[Collected data entries]
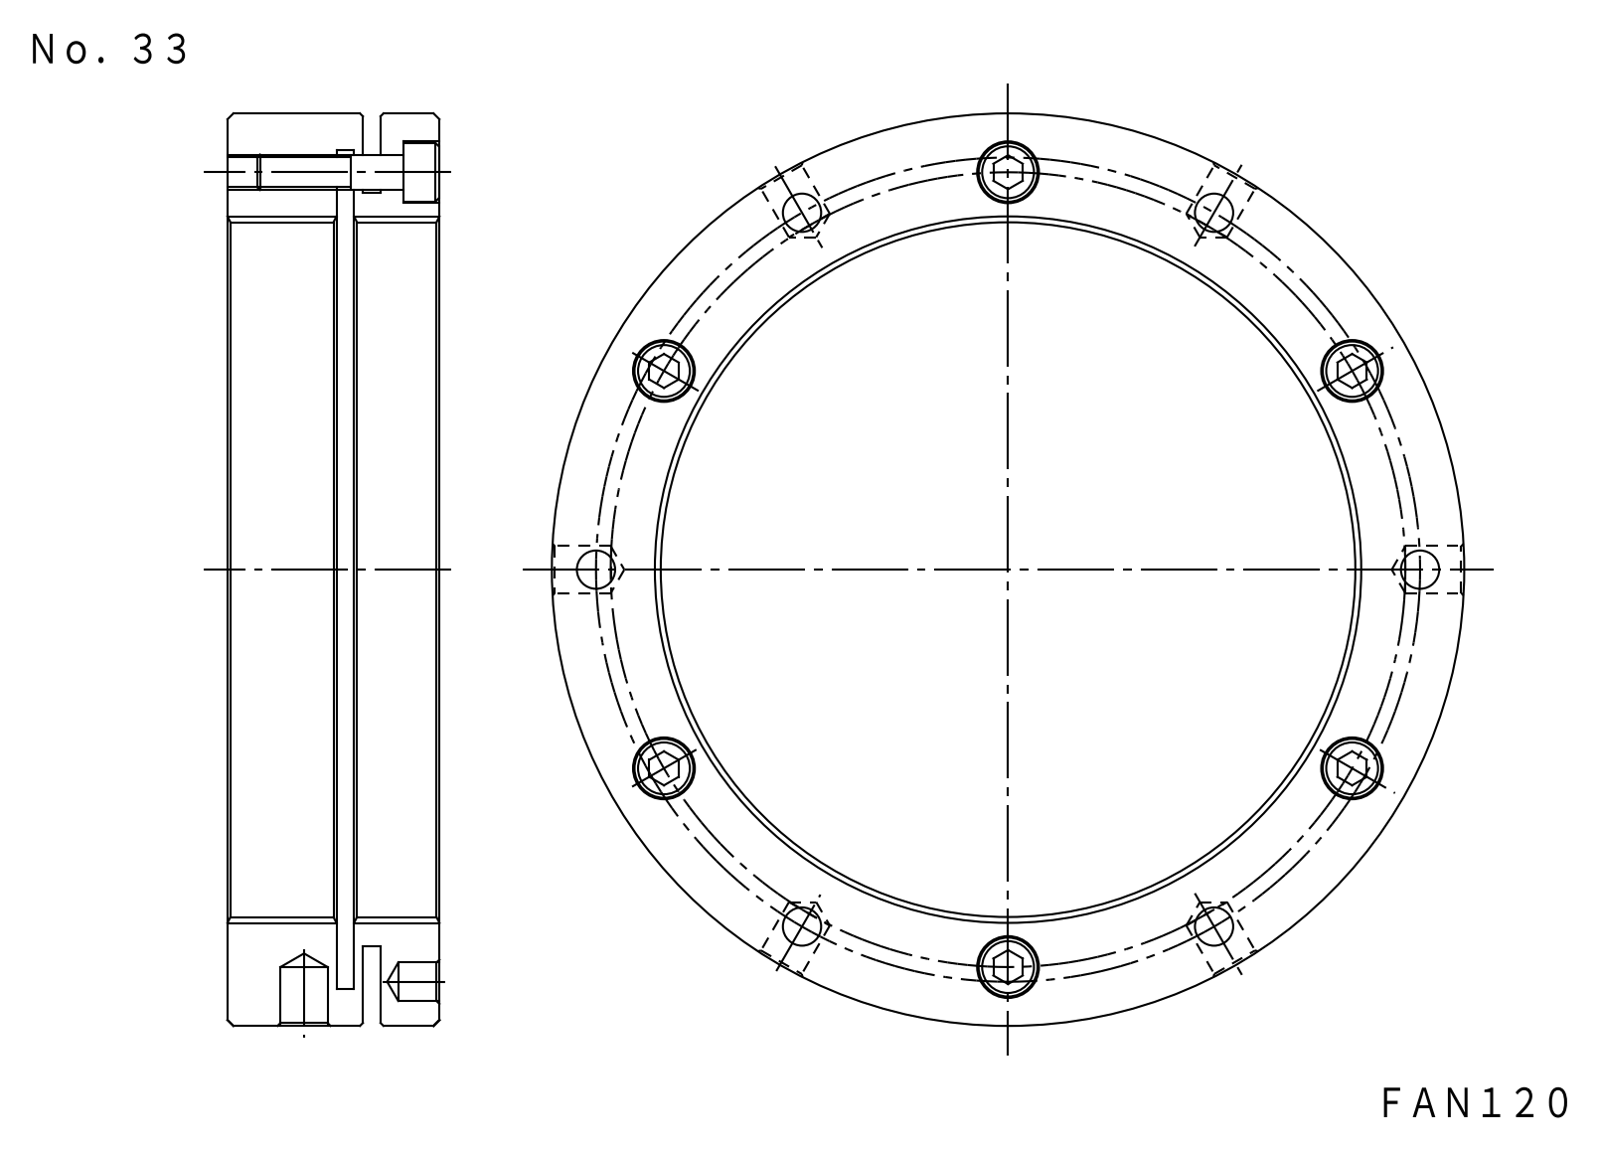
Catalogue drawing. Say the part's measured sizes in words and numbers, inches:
The part is named "FKD FAN120; M6X25_default". Its 3-D file was written by "SolidWorks 2012 (CONFIG_CONTROL_DESIGN)". It is 7 solids with 204 faces: 72 planar, 108 cylindrical and 24 other. Overall it measures 6.102 by 6.102 by 1.417 inches. Its volume is 14.4 cubic inches and its surface area 120 square inches. Round holes: 6 of diameter 0.194, 6 of diameter 0.248, 6 of diameter 0.268, 6 of diameter 0.433, 3 of diameter 0.315, 1 of diameter 4.724, 1 of diameter 5.709. Round bosses or shafts: 6 of diameter 0.394, 6 of diameter 0.236, 1 of diameter 6.102, 1 of diameter 5.157. The main face-to-face distances are 0.118, 0.177, 1.417, 0.965, 0.453, 1.083, 0.335, 0.787, 0.295, 0.63. The hole center spacings are 1.417, 2.717, 2.756, 3.87, 5.286, 4.773, 4.705, 5.286.
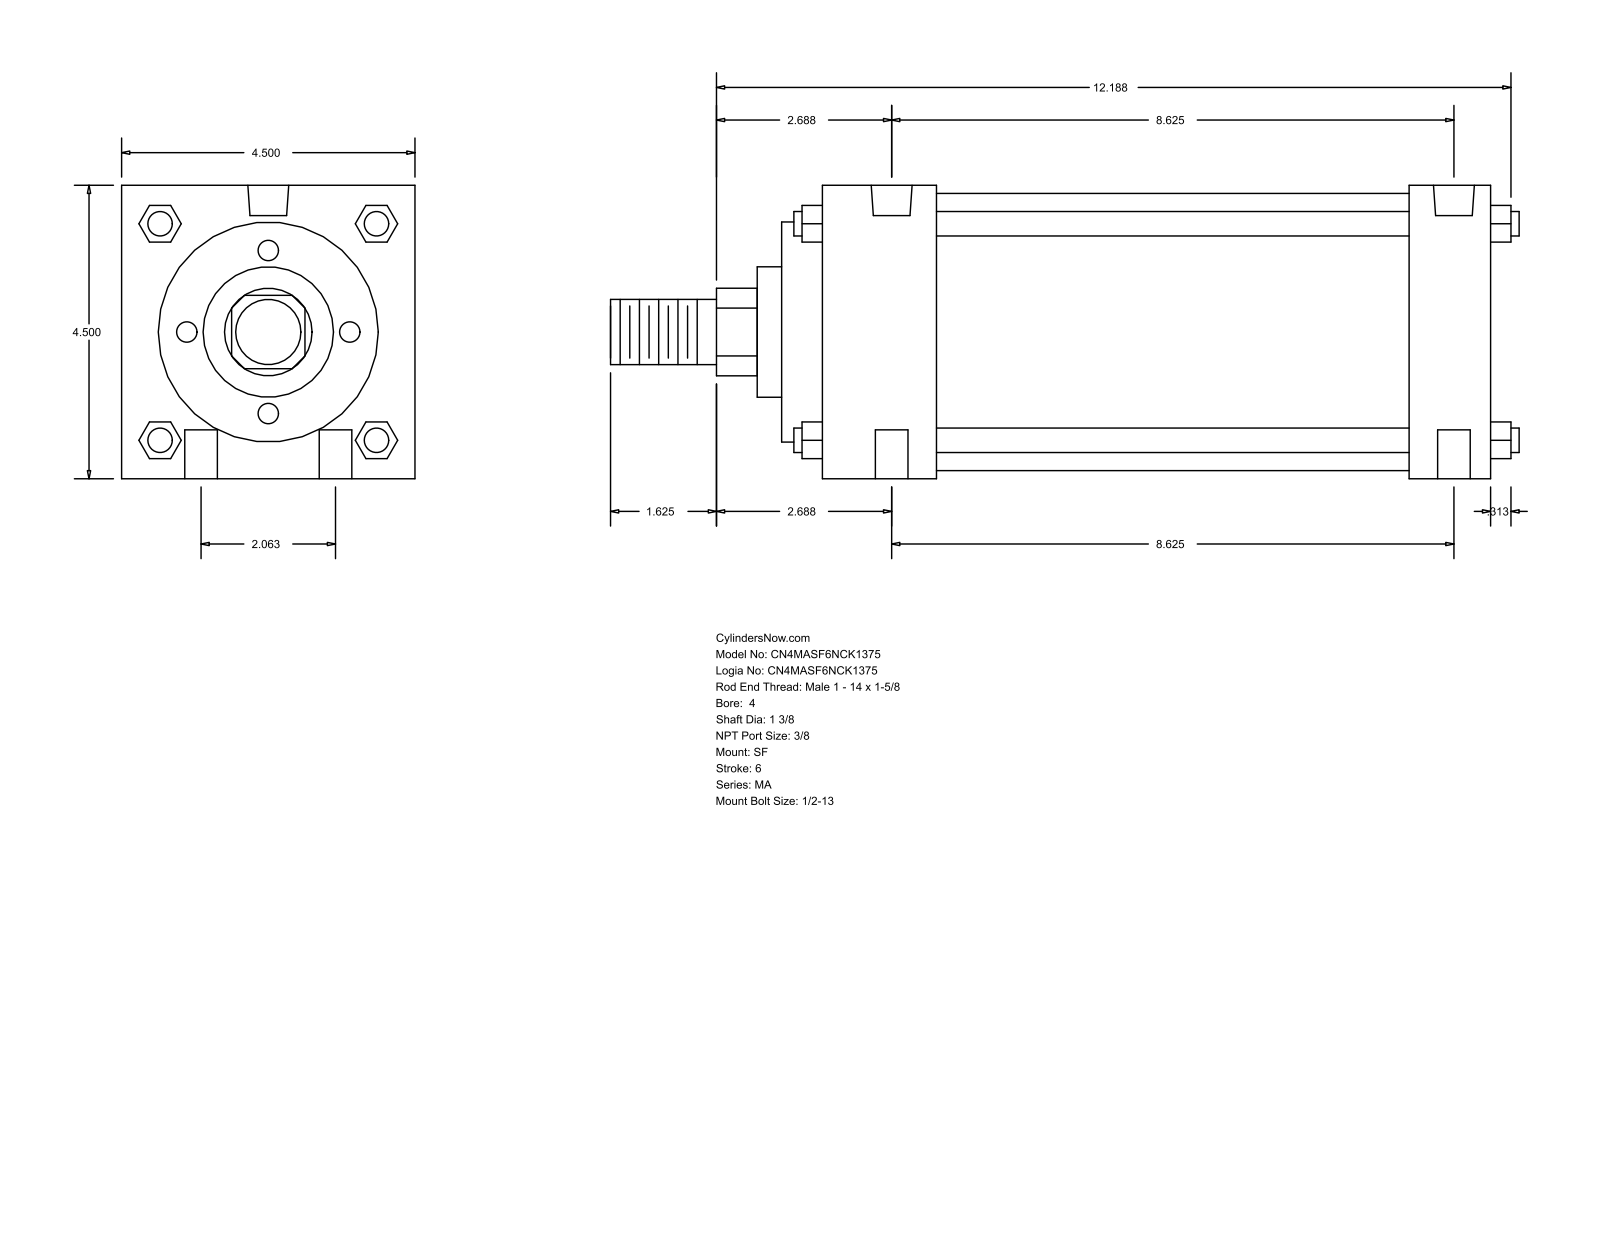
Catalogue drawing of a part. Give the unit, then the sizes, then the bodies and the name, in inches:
Units: inches
Overall size (bounding box): 13.937 × 4.5 × 4.5
Round holes (diameter × count): ⌀0.5 ×4, ⌀0.437 ×2, ⌀0.627 ×2
Round bosses / shafts (diameter × count): ⌀0.375 ×4, ⌀4.25 ×1, ⌀3.375 ×1, ⌀2 ×1, ⌀1.375 ×1, ⌀1 ×1
Partial cylindrical surfaces — rounded edges, fillets, slot ends (radius × count): R0.672 ×1
Main face-to-face distances: 4.5, 10.25, 10.875, 0.625, 9.625, 9, 1.25, 2.375, 1.75, 7.25
Hole centre spacings: 1.031, 8.687, 8.625, 2.062, 8.868, 8.25
Bodies: 0 solids, 126 faces (95 planar, 31 cylindrical, 0 other)
Part name (STEP PRODUCT): MA_SF__0400_1.375
STEP written by: GSSL Pune (CONFIG_CONTROL_DESIGN)
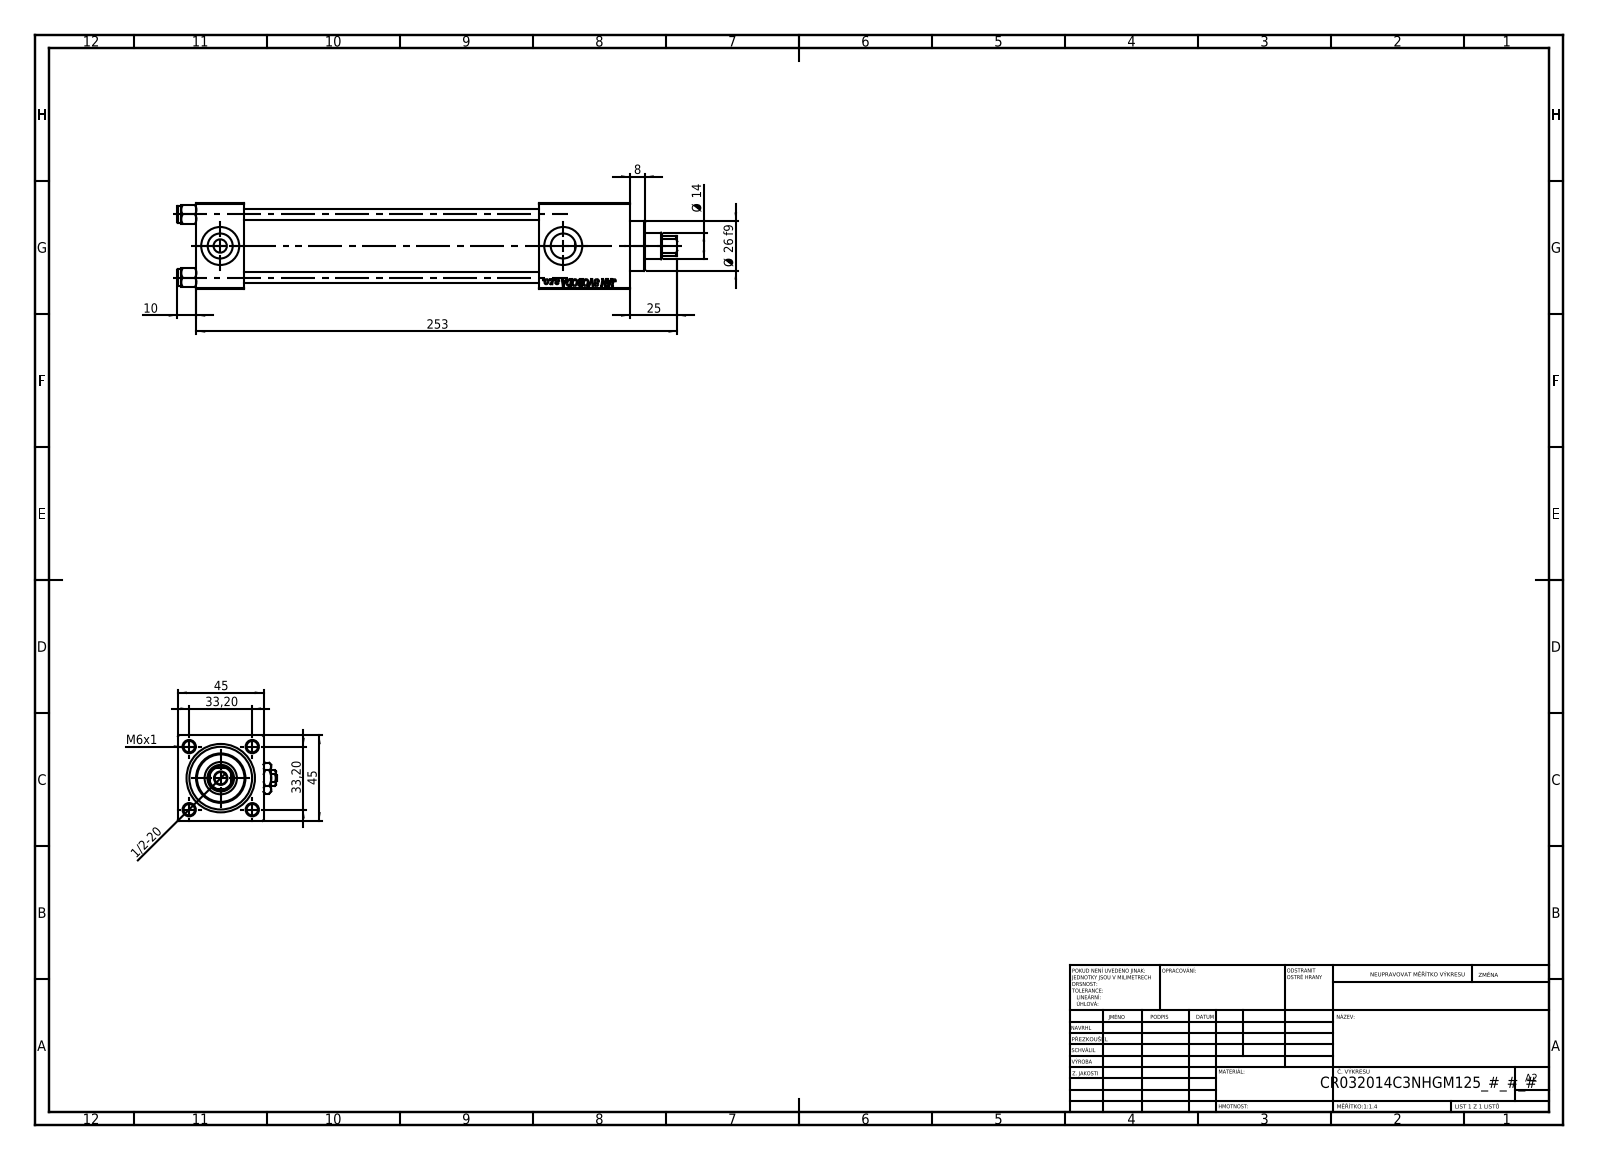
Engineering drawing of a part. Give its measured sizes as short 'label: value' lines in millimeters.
name: V215CR_C_Body; V215CR_VCP_C; Zatka_pro_OIL_PORT; V215CR_C_TYCINKA (+2 more)
written by: SolidWorks 2019 (CONFIG_CONTROL_DESIGN)
unit: mm
bodies: 13 solids, 1248 faces (572 planar, 98 cylindrical, 578 other)
size: 263 × 52 × 45
volume: 255 017 mm³; area: 104 551 mm²
holes: 4× ⌀6, 2× ⌀7, 2× ⌀13.16, 2× ⌀20, 1× ⌀6.5, 1× ⌀14, 1× ⌀17, 1× ⌀24, 1× ⌀32, 1× ⌀33
bosses: 4× ⌀9, 1× ⌀38, 1× ⌀26
rounds: 1× R6.5
face distances: 45, 25, 203, 228, 180, 155, 48, 199.3, 174.3, 19.3
hole spacings: 23.48, 33.2, 46.95, 180.5
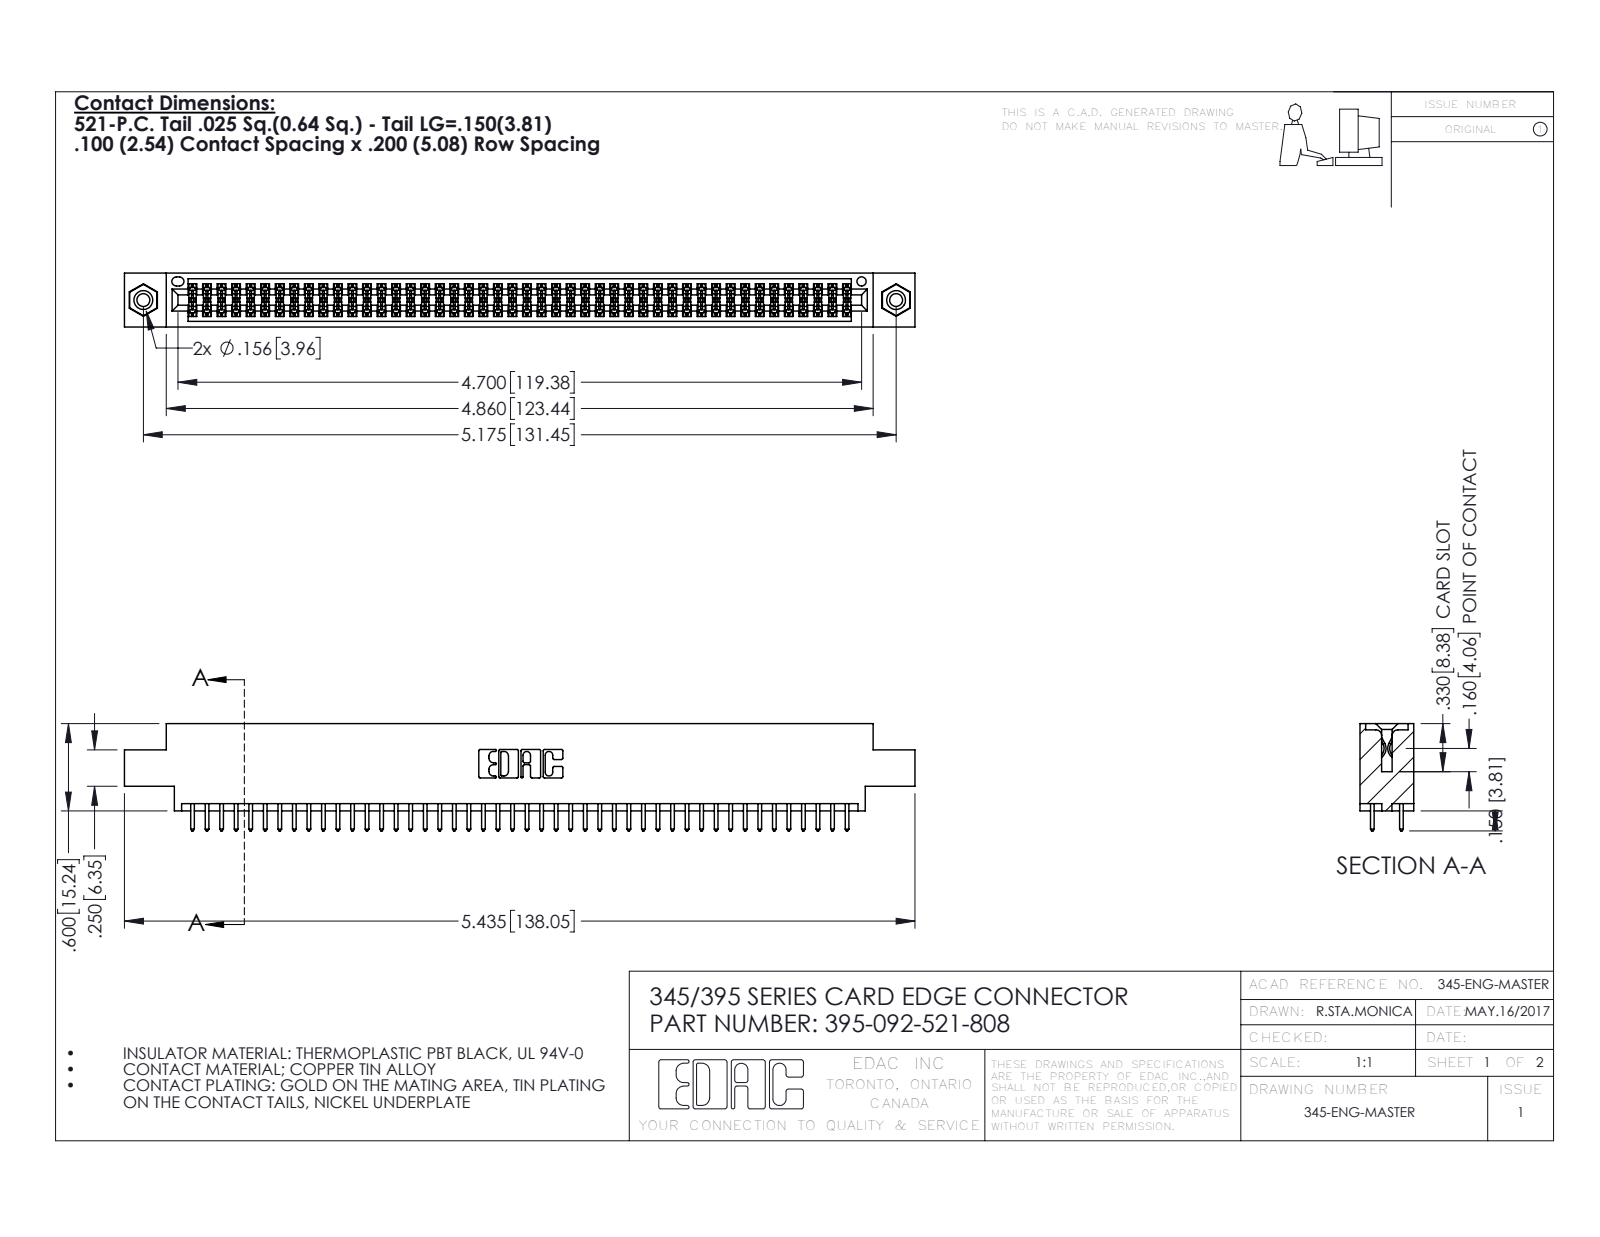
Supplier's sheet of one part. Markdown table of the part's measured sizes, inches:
| quantity | value |
| --- | --- |
| part name | 395-092-521-808; 345 Part_0.170 Offset - 0.156 Dia-TI; 345-292-001_345-293-121; 345-250-001_345-250-003-102 |
| STEP written by | SolidWorks 2016 (CONFIG_CONTROL_DESIGN) |
| units | inches |
| bodies | 95 solids, 4790 faces (3152 planar, 1622 cylindrical, 16 other) |
| overall size | 5.435 × 0.737 × 0.37 |
| volume | 0.811 in³ |
| surface area | 30.43 in² |
| round holes (diameter × count) | 0.089 × 2, 0.125 × 2, 0.156 × 2, 0.064 × 1 |
| round bosses / shafts (diameter × count) | 0.155 × 2 |
| partial cylindrical surfaces (radius × count) | 0.006 × 138, 0.01 × 92, 0.01 × 22, 0.007 × 6, 0.031 × 6, 0.026 × 3, 0.014 × 2, 0.019 × 2 |
| main face-to-face distances | 0.072, 0.298, 0.2, 0.37, 0.098, 0.272, 0.025, 0.225, 0.175, 0.149 |
| hole center spacings | 0.27, 4.939, 5.175 |

_About this exercise_:
Check each line above for "STEP" and state how many match, answering with only the number.

_Answer space_:
3